Segmenting the work and narrowing focus too much generates too many competing areas of concentration, overloading people and the organization and undermining productivity.

A Holistic Alternative

In contrast, top-performing people and organizations always feel, think, and manage holistically. When managing an IT project, they think in terms of the core business value of the project. When managing a store, they think of how to develop a great store. They always take a big picture view in everything they do.

This holistic foundation enables them to be more productive by guiding the efficient alignment of resources toward clear, important objectives, which everyone can identify with and value. From this perspective, each subprocess is treated as a well-integrated component of the whole and anything not directly supporting the objective is eliminated. They make trade-offs between the component processes in ways that increase synergy. For example, a similar IT project to the one described above was viewed as enhancing the ability of the company to sell products over the Internet. From this perspective, the team was able to better align certain user interface requirements with the network requirements, eliminating more than three months of work and considerable load on the organization. Within the more holistic perspective were many of the same component parts as the previous example, but because all decisions used the same core perspective as the foundation, substantial amounts of work were eliminated as irrelevant to the objective. The top performers manage the whole, which produces greater efficiency.

Reducing Overload

The two-hour test of importance can guide an organization to define its work at a level that optimizes performance. In the two-hour test of importance, all key managers are asked: Is this initiative worth two hours of everyone's time to think about and plan for excellence?

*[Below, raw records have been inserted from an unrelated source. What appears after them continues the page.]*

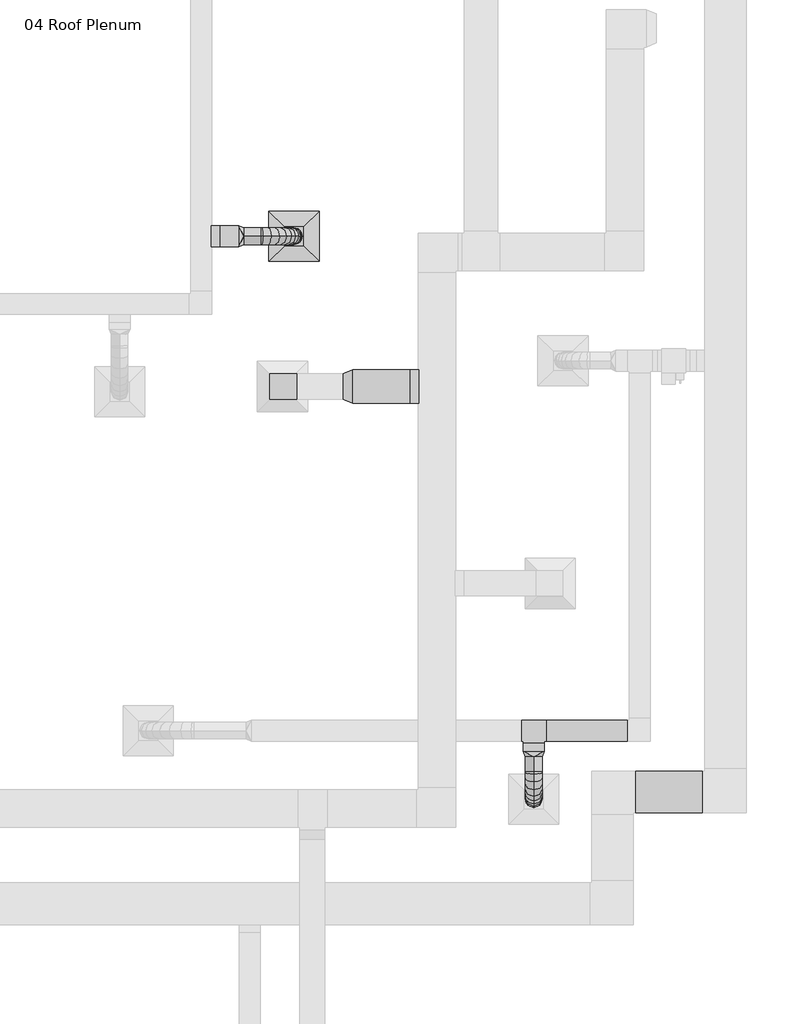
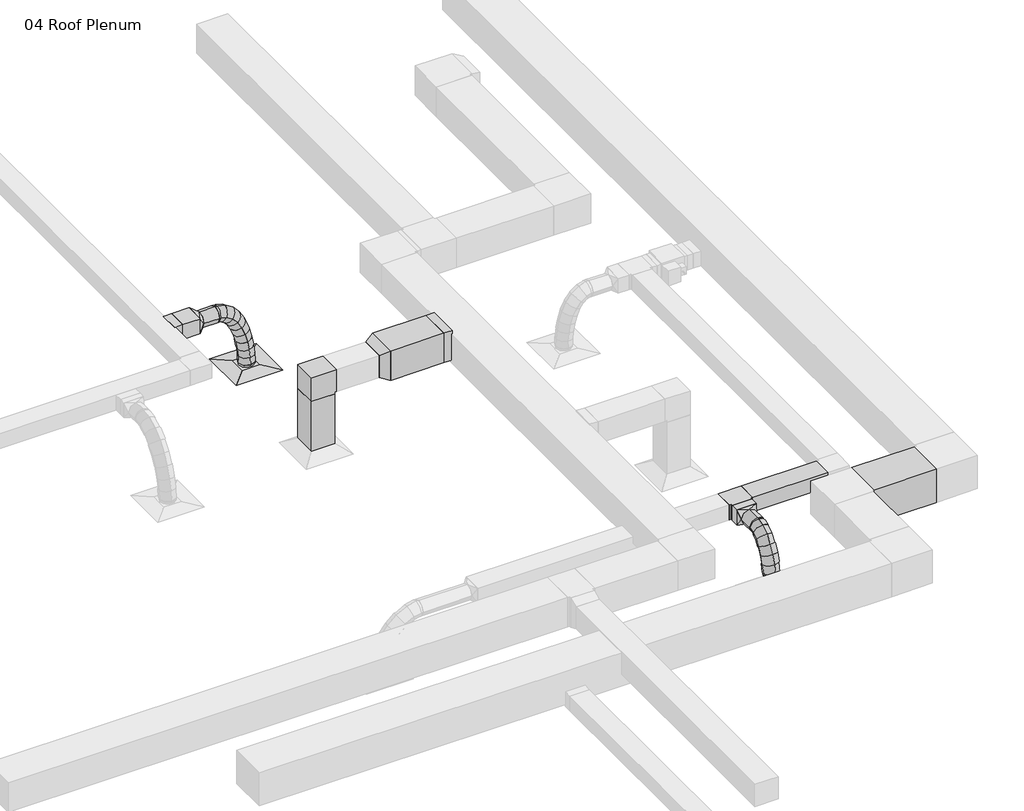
# One storey, part 4 of 9: 10 duct segments, 7 duct fittings, 1 air terminal.
"""IFC4 building model written with IfcOpenShell, lengths in millimetres."""

from ifc_helpers import new_model, si_unit, point, frame, frame_2d, origin, place, context, project, spatial, polyline, circle_curve, ellipse_curve, trimmed, segment, composite_curve, outline, extrude, transform, mapped, element, save
from ifc_brep_helpers import plane_surface, cylinder_surface, advanced_brep
from components import supply_diffuser_rectangular_face_round_neck_d30_6390248a, rectangular_elbow_mitered_standard_4ff1c4e8, rectangular_takeoff_standard_6de9fcd1, rectangular_takeoff_standard_c54ab2d1, rectangular_tee_standard_b316833c, rectangular_transition_angle_45_degree_0e490c41, rectangular_to_round_transition_angle_45_degree_e9430680

model = new_model("IFC4")

# Units and contexts
model_context = context("Model", 3, world=origin())
ifc_project = project(units=[si_unit("LENGTHUNIT", "METRE", prefix="MILLI")], contexts=[model_context])

# Site, building, storey
site = spatial("IfcSite", under=ifc_project)
building = spatial("IfcBuilding", under=site)
storey = spatial("IfcBuildingStorey", under=building, Name="04 Roof Plenum", Elevation=12192.0)

# Air terminal
placement = place(None, origin())
supply_diffuser_rectangular_face_round_neck_d30_shape = supply_diffuser_rectangular_face_round_neck_d30_6390248a(model_context)
element("IfcAirTerminal", 1, ObjectType="Supply Diffuser - Rectangular Face Round Neck : D30_SupplyDiffuser_24x24 8 Neck", at=placement, inside=storey, context=model_context, shape_type="MappedRepresentation", body=[
    mapped(supply_diffuser_rectangular_face_round_neck_d30_shape, transform((-9710.4163107, 6754.5033388, 12192.0), x_axis=(1.0, 0.0, 0.0), y_axis=(0.0, 1.0, 0.0), z_axis=(0.0, 0.0, 1.0))),
])

# Duct fittings
rectangular_elbow_mitered_standard_shape = rectangular_elbow_mitered_standard_4ff1c4e8(model_context)
element("IfcDuctFitting", 2, ObjectType="Rectangular Elbow - Mitered : Standard", at=placement, inside=storey, context=model_context, shape_type="MappedRepresentation", body=[
    mapped(rectangular_elbow_mitered_standard_shape, transform((-9849.7375216, 4928.6505887, 13157.2), x_axis=(0.0, 0.0, 1.0), y_axis=(1.0, 0.0, 0.0), z_axis=(0.0, 1.0, 0.0))),
])
rectangular_takeoff_standard_shape = rectangular_takeoff_standard_6de9fcd1(model_context)
element("IfcDuctFitting", 3, ObjectType="Rectangular Takeoff : Standard", at=placement, inside=storey, context=model_context, shape_type="MappedRepresentation", body=[
    mapped(rectangular_takeoff_standard_shape, transform((-8201.1142705, 4928.6505887, 13157.2), x_axis=(-1.0, 0.0, 0.0), y_axis=(0.0, 1.0, 0.0), z_axis=(0.0, 0.0, -1.0))),
])
rectangular_takeoff_standard_2_shape = rectangular_takeoff_standard_c54ab2d1(model_context)
element("IfcDuctFitting", 4, ObjectType="Rectangular Takeoff : Standard", at=placement, inside=storey, context=model_context, shape_type="MappedRepresentation", body=[
    mapped(rectangular_takeoff_standard_2_shape, transform((-10710.7723705, 6754.5033388, 13030.2), x_axis=(1.0, 0.0, 0.0), y_axis=(0.0, -1.0, 0.0), z_axis=(0.0, 0.0, -1.0))),
])
rectangular_tee_standard_shape = rectangular_tee_standard_b316833c(model_context)
element("IfcDuctFitting", 5, ObjectType="Rectangular Tee : Standard", at=placement, inside=storey, context=model_context, shape_type="MappedRepresentation", body=[
    mapped(rectangular_tee_standard_shape, transform((-6797.3043703, 747.3140793, 12903.2), x_axis=(1.0, 0.0, 0.0), y_axis=(0.0, 1.0, 0.0), z_axis=(0.0, 0.0, 1.0))),
])
rectangular_transition_angle_45_degree_shape = rectangular_transition_angle_45_degree_0e490c41(model_context)
element("IfcDuctFitting", 6, ObjectType="Rectangular Transition - Angle : 45 Degree", at=placement, inside=storey, context=model_context, shape_type="MappedRepresentation", body=[
    mapped(rectangular_transition_angle_45_degree_shape, transform((-8995.7497127, 4928.6505887, 13157.2), x_axis=(-1.0, 0.0, 0.0), y_axis=(0.0, -1.0, 0.0), z_axis=(0.0, 0.0, 1.0))),
])
rectangular_to_round_transition_angle_45_degree_shape = rectangular_to_round_transition_angle_45_degree_e9430680(model_context)
element("IfcDuctFitting", 7, ObjectType="Rectangular to Round Transition - Angle : 45 Degree", at=placement, inside=storey, context=model_context, shape_type="MappedRepresentation", body=[
    mapped(rectangular_to_round_transition_angle_45_degree_shape, transform((-6797.3043703, 493.3140793, 12903.2), x_axis=(0.0, -1.0, 0.0), y_axis=(1.0, 0.0, 0.0), z_axis=(0.0, 0.0, 1.0))),
])
element("IfcDuctFitting", 8, ObjectType="Rectangular to Round Transition - Angle : 45 Degree", at=placement, inside=storey, context=model_context, shape_type="MappedRepresentation", body=[
    mapped(rectangular_to_round_transition_angle_45_degree_shape, transform((-10380.5723705, 6754.5033388, 13030.2), x_axis=(1.0, 0.0, 0.0), y_axis=(0.0, 1.0, 0.0), z_axis=(0.0, 0.0, 1.0))),
])

# Duct segments
element("IfcDuctSegment", 9, ObjectType="Flex - Round", at=placement, inside=storey, context=model_context, shape_type="AdvancedBrep", body=[
    advanced_brep(
    [(-6695.7043703, 254.1930548, 12903.2), (-6797.3043703, 254.1930548, 12801.6), (-6898.9043703, 254.1930548, 12903.2), (-6797.3043703, 254.1930548, 13004.8), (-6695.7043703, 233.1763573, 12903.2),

Organizations that are unwilling to spend just two hours to think about and plan for the success of an initiative don't really value that initiative -- they just don't see that this initiative is very important. We use two hours as the benchmark because Digital Coaching Technology can coach most people to excellence in that time.

Unfortunately, it is remarkable how many initiatives fail this test! If a work effort fails the two-hour test but still seems important, it is usually because the initiative is actually a subprocess of a more critical overall initiative. What is the overall initiative? This can be determined simply by asking the question: The work that failed the two-hour test is a component of what larger process?

This drives the management team to think in broader terms. You continue this process until everyone says, with energy and passion, "Yes, that is worth two hours of everyone's time!" You can tell when you have it right because people sound and look different. They are excited, intense, energized, and, surprisingly, less loaded.